The landmark Hmong Domestic Violence Forum featured Central California's top Hmong leaders and the late Gen. Vang Pao's chosen successor, his son Neng Chu Vang. It was prompted by the case of Pa Nhia Vue, 35, of Altoona, Wis. The mother of seven was strangled before her body was partially burned and abandoned in a shed. Her husband, Yeng Xiong, 41, faces murder charges.
Neither Vue's family nor her husband's would claim her body and give her a Hmong funeral, according to media reports.
The forum was one of four held across the nation on Saturday, the day the Hmong believe Vue's soul was released to the spirit world. The gatherings challenged the Hmong's traditional patriarchal society and the system of 18 clans whose male leaders have for centuries laid down laws and customs.
About 100 people attended the Sacramento forum, which was held at Bethany Presbyterian Church. The event was sponsored by a several nonprofit organizations and Hmong community leaders.
The most forceful talk came from Neng Chu Vang, who has inherited his father's role as a national Hmong leader. He held up his right forefinger and thundered, "As of today, Hmong women have the same rights as Hmong men; we have to respect them!
"We have lived in the U.S. for 30 years, and this is the day we must stand up together and solve the problem of domestic abuse."
Vang, who travels to Hmong communities in all 50 states mediating problems, declared, "If there is a problem, call me and I'll step in – don't be afraid of the men. If I were you, I would have stood up to them long ago."
He criticized Wisconsin's 18 Clan Council for ignoring Vue's body as it lay in the morgue.
"It doesn't matter if it's a man or a woman. As long as it's a Hmong person, we should have stepped in to take care of the body," Vang said. "If a child is drowning in the pool, are you going to ask, 'What clan are you?' If we are human beings, we should not let this happen."
Vang said "our ancient culture will not disappear because we are Hmong, but in America, there is a law of the land" that says men and women are equal. "Hmong men usually say, 'I paid her bride price, and I can do whatever I want.' "

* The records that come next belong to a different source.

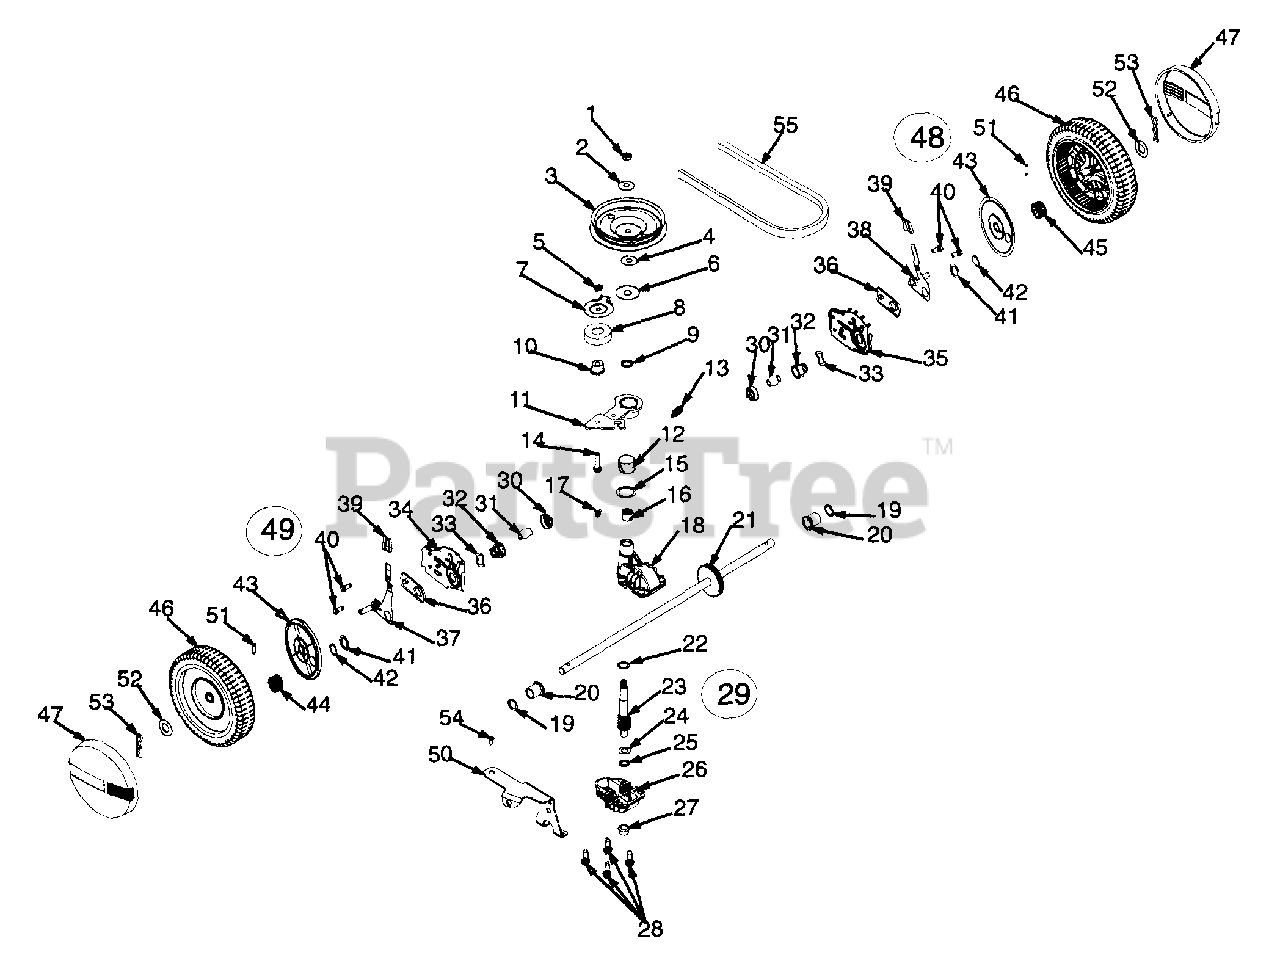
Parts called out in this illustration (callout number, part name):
1	Hex Jam Nut 5/16-24
2	Bell Wash .325 x .930 x .045
3	Pulley
4	Bell Wash .325 x .930 x .045
5	Hex Nut 1/4 - 28 Lock
6	Flat Wash .442 x 1.38 x .060
7	Belt Keeper
8	Ball Bearing
9	Oil Seal
10	Flange Spacer
11	Idler Bracket Ass'y
12	Bearing Sleeve
13	Wash: Flat: .504 x .700 x .030
14	Hex Cap Screw 1/4-28 x 1.00 Gr. 5
15	Flat Washer .865 x 1.145 x .030
16	Needle Bearing .438 x .625 x .500
17	Plug 1/4 x .437
18	Housing Asm: Upper:
19	Seal: Oil: .500 x .687 x .094
20	Flange Bearing .503 x .689 x .792
21	Output Shaft
22	Flat Washer .504 x .700 x .030
23	Pinion Shaft 10T.
24	Thrust Washer .375 x .70 x .030
25	Thrust Washer .388 x .625 x .062
26	Housing:Lwr:
27	Flange Bearing .378 x .531 x .370
28	Hex Screw w/Wash 1/4-20 x .750
29	Transmission-Complete
30	Bearing Retainer
31	Bearing Sleeve .50 I.D.
32	Bearing Support
33	Wave Washer 1.5 x 1.0 x .029
37	Front Lever R.H
38	Front Lever L.H.
39	Knob
40	Hex Cap Screw 3/8-16 x .75
41	Washer DD 1.5" O.D.
42	Snap Ring 1.0 Dia.
43	Wheel Dust Cap
44	Gear 14T RH Fwd
45	Gear 14T LH Fwd
46	Whl 8 x 1.75 Disk Bar Gray Sleeve S
47	Hubcap: Whl: Radial Spoke Grey
48	Height Adj. Complete RH
49	Height Adj. Complete LH
50	Cable Idler Bracket
51	Dowel Pin
52	Flat Washer 1/2 x 1.00 x .063
53	Cotter Pin .08 x 1.42
54	Screw, Shoulder .375 x .25AB: 1/4-20 Thd.
55	"V"-Belt
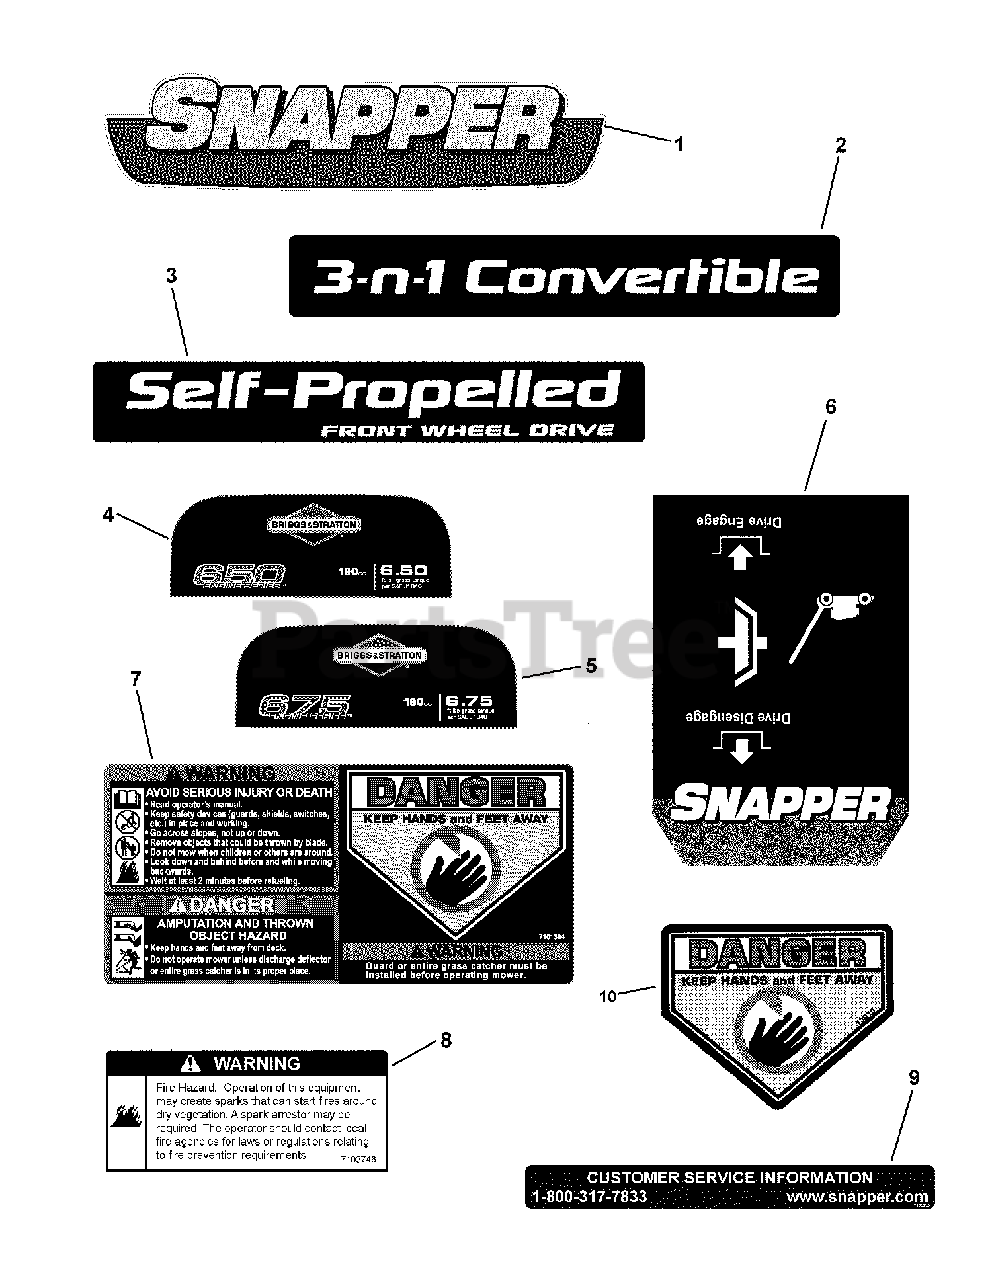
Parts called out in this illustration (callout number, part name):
1	DECAL, Briggs Engine, Snapper
2	DECAL, Front Cover, 22" Snapper, Push
3	DECAL, Front Cover, 22" Snapper, Front Wheel Drive
4	DECAL, Briggs Engine, 650 Series
5	DECAL, Briggs Engine, 675 Series
6	DECAL, Control Head, Single Speed, Snapper
7	DECAL, Warning, Rear Discharge Door
8	DECAL, Spark Arrestor
9	DECAL, Customer Service, MY08, Snapper
10	DECAL, Danger, Cut Finger

That price – which a man's family pays to his bride's family – "is to bring a wife home to love, not to kill," Vang said.
Vang's wife, Mary Heu Vang, called for a national Hmong crisis hotline for people suffering from depression, which can trigger violence. "I'd like to see that number in every Hmong home," she said. "It's time for our Hmong sisters to take the initiative and not wait for the men."

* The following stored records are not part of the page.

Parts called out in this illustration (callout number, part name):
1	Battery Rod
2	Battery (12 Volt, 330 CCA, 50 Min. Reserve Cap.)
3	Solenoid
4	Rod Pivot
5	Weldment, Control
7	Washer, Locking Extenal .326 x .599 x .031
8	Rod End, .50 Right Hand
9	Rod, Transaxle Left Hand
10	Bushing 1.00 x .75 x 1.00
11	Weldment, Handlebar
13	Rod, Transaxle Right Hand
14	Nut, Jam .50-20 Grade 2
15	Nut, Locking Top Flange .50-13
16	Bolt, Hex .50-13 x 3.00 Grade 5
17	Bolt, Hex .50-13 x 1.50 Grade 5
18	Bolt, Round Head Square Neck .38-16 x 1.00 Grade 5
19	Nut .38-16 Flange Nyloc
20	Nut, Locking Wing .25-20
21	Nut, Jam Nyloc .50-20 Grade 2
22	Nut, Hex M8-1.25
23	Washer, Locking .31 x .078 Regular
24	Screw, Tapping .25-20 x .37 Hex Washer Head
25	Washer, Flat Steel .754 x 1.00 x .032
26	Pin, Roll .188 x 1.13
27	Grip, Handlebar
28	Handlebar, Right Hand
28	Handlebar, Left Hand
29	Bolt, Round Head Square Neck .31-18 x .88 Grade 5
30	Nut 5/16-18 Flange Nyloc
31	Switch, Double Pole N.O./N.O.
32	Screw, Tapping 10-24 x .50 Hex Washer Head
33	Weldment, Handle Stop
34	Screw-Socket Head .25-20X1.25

Many Hmong refugees are grappling with a variety of mental-health issues, including bipolar disorder, delusions and post-tramatic stress disorder, said mental-health counselor Norbee Xiong, who apologized on behalf of the Xiong clan for refusing to claim Vue's body.
"During the Vietnam War, all many of us had was training to kill," Xiong said, and that can manifest itself in anger and violence.

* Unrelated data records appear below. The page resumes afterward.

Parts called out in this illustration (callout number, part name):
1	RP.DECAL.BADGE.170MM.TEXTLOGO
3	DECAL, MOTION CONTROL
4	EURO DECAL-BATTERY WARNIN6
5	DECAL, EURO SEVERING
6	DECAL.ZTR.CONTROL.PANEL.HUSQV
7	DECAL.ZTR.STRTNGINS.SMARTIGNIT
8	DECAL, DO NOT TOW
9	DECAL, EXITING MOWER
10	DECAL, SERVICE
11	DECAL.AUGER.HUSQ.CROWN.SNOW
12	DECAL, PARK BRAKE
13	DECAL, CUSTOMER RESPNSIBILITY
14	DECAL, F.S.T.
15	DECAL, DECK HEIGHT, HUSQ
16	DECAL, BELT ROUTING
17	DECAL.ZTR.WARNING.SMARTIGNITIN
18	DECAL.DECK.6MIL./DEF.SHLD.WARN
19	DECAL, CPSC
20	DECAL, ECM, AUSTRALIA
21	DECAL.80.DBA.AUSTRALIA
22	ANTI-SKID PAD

Domestic violence strikes all cultures, "and we don't want you to think all Hmong men are like this," Xiong added.
Hmong in crisis can call Sacramento County's Transcultural Wellness Center at (916) 875-1055 or My Sister's House at (916) 428-3271. About a quarter of the women who have used My Sister's House to escape violence are Hmong, said director Nilda Valmores.
Mycie Xiong of SILENCE of Hmong Village Inc. recounted the story of Pa Nhia Vue.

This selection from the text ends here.